同じような質問が繰り返された場合(質問②)

 「議事の経過」については、必ずしもすべての発言内容をそのまま再現して記載する必要はなく、その「要領」を記載すれば足ります。したがって、複数の株主から同じような質問が何度も繰り返されたような場合には、まとめて1つの質問とするなど、適宜要約して記載すれば足ります

株主から議事録に記載するように要求があった場合(質問③)

 株主から「この発言については議事録に残しておいてほしい」との要求があった場合でも、必ずしもそれに従う必要はなく、原則として、その発言内容が法定記載事項(「議事の経過」)に該当するか否かで、議事録への記載の要否を判断すれば足ります

 すなわち、株主の発言内容が「議事の経過」に当たる場合には、株主からの要求があろうとなかろうと、その「要領」を議事録に記載する必要があります。

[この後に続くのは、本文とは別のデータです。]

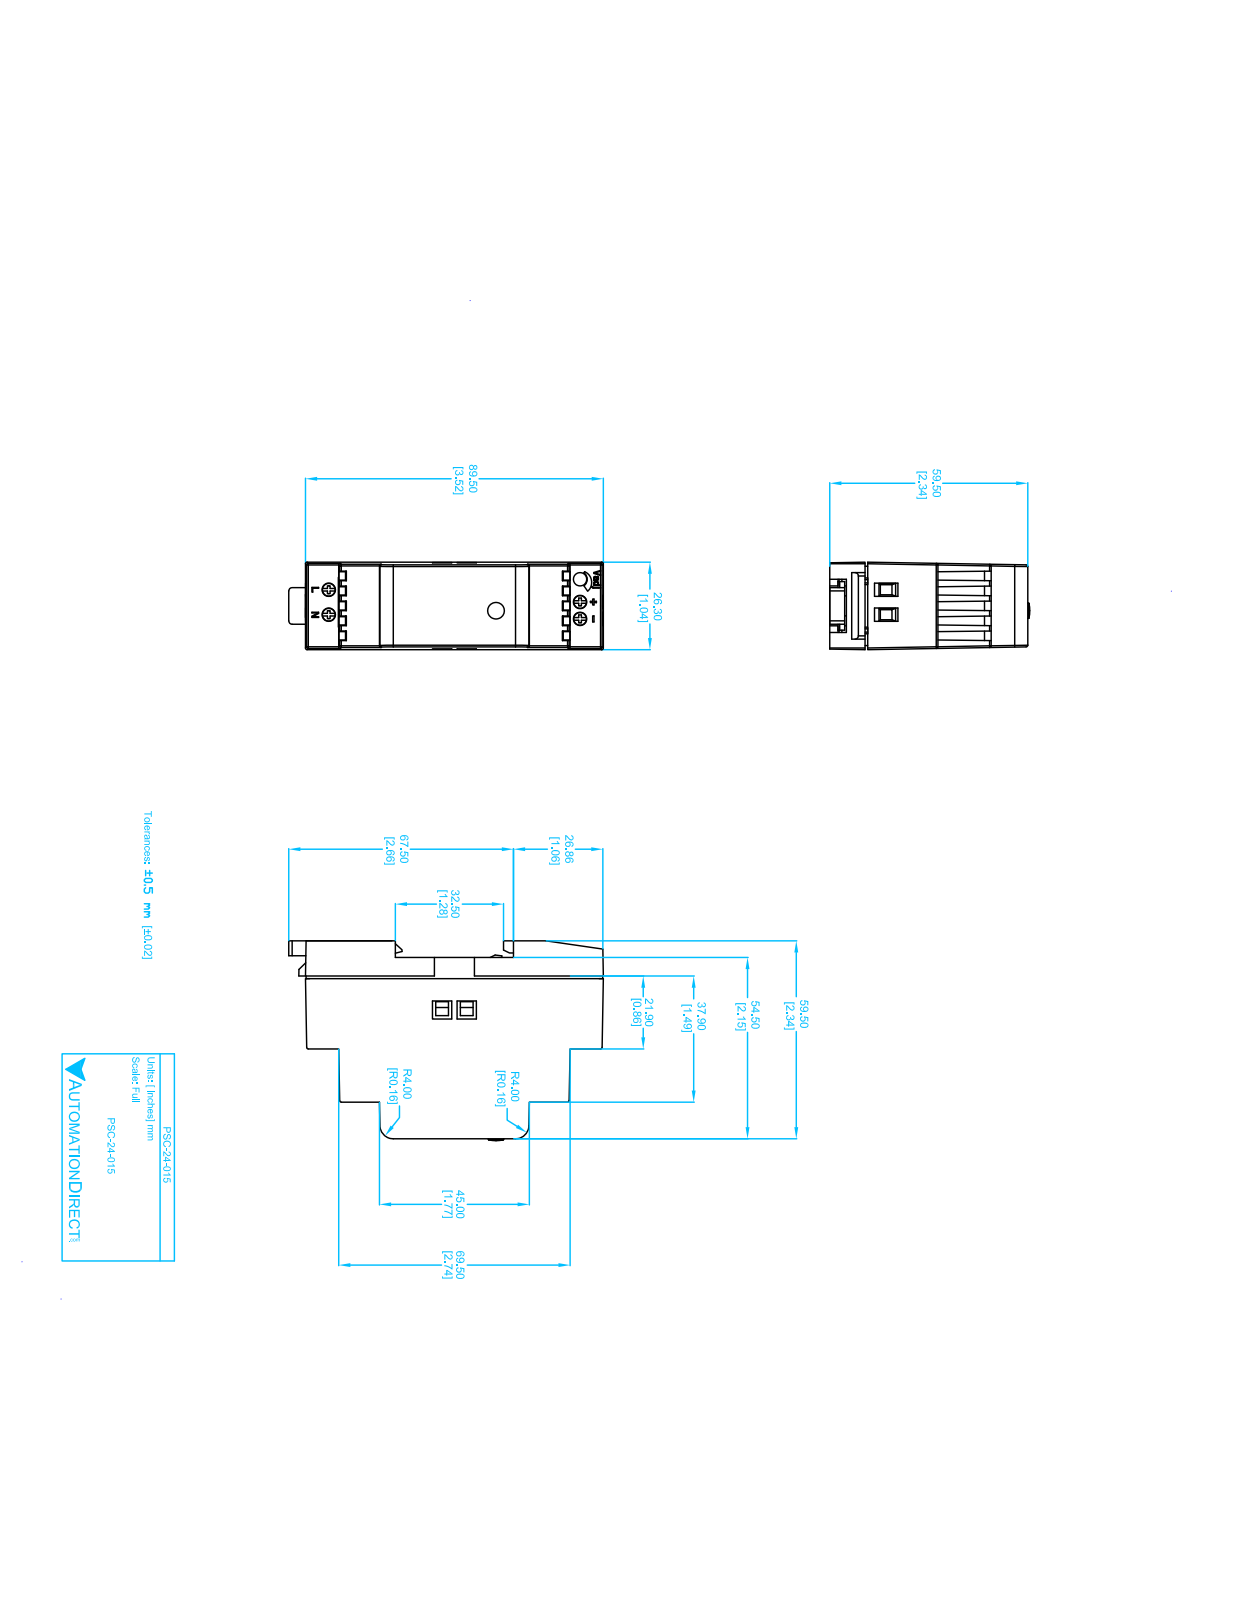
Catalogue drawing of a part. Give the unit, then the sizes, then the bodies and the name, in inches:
Units: inches
Overall size (bounding box): 3.719 × 2.372 × 1.039
Round holes (diameter × count): ⌀0.16 ×5
Round bosses / shafts (diameter × count): ⌀0.2 ×1
Partial cylindrical surfaces — rounded edges, fillets, slot ends (radius × count): R0.02 ×26, R0.04 ×2, R0.16 ×2
Main face-to-face distances: 1.039, 0.19, 0.595, 2.341, 2.151, 1.9, 0.44, 1.71, 0.441, 1.27
Hole centre spacings: 0.2, 0.25, 0.3, 0.45, 3.02, 3.021, 3.025, 3.028
Volume: 6.452 in³ · Surface area: 32.1 in²
Bodies: 1 solid, 441 faces (351 planar, 54 cylindrical, 36 other)
Part name (STEP PRODUCT): PSC-24-015
STEP written by: SolidWorks 2011 (CONFIG_CONTROL_DESIGN)

 これに対し、株主の発言内容が議事に関係のない内容であった場合には、たとえ株主が議事録への記載を要求したとしても、その要求に従う法的な義務はなく、議事録に記載する必要はありません。
 もっとも、こうした株主の発言に関連して、たとえば説明義務をめぐる決議取消訴訟が提起されるなどの問題に発展する可能性がある場合には、紛争防止の観点から、あえて議事録に記載しておくという対応も考えられるでしょう。

発言した株主や役員の名前について(質問④)

 法律上、議事録への記載が求められる事項は、あくまで「議事の経過の要領」ですので、議事の経過が分かる程度の記載がなされればよく、必ずしも発言者の名前まで記載することは必要でないと解されます。もっとも、各社の任意の判断として、議事経過の記録の必要性から、質問者を特定するためにあえて株主の名前を記載する場合もありますし、名前の代わりに出席票番号を記載する場合もあります。
 また、質問に対して回答を行った役員については、株主総会における説明義務や善管注意義務の履行を証拠化するという観点から、あえて名前を明記しておくという考え方もあります。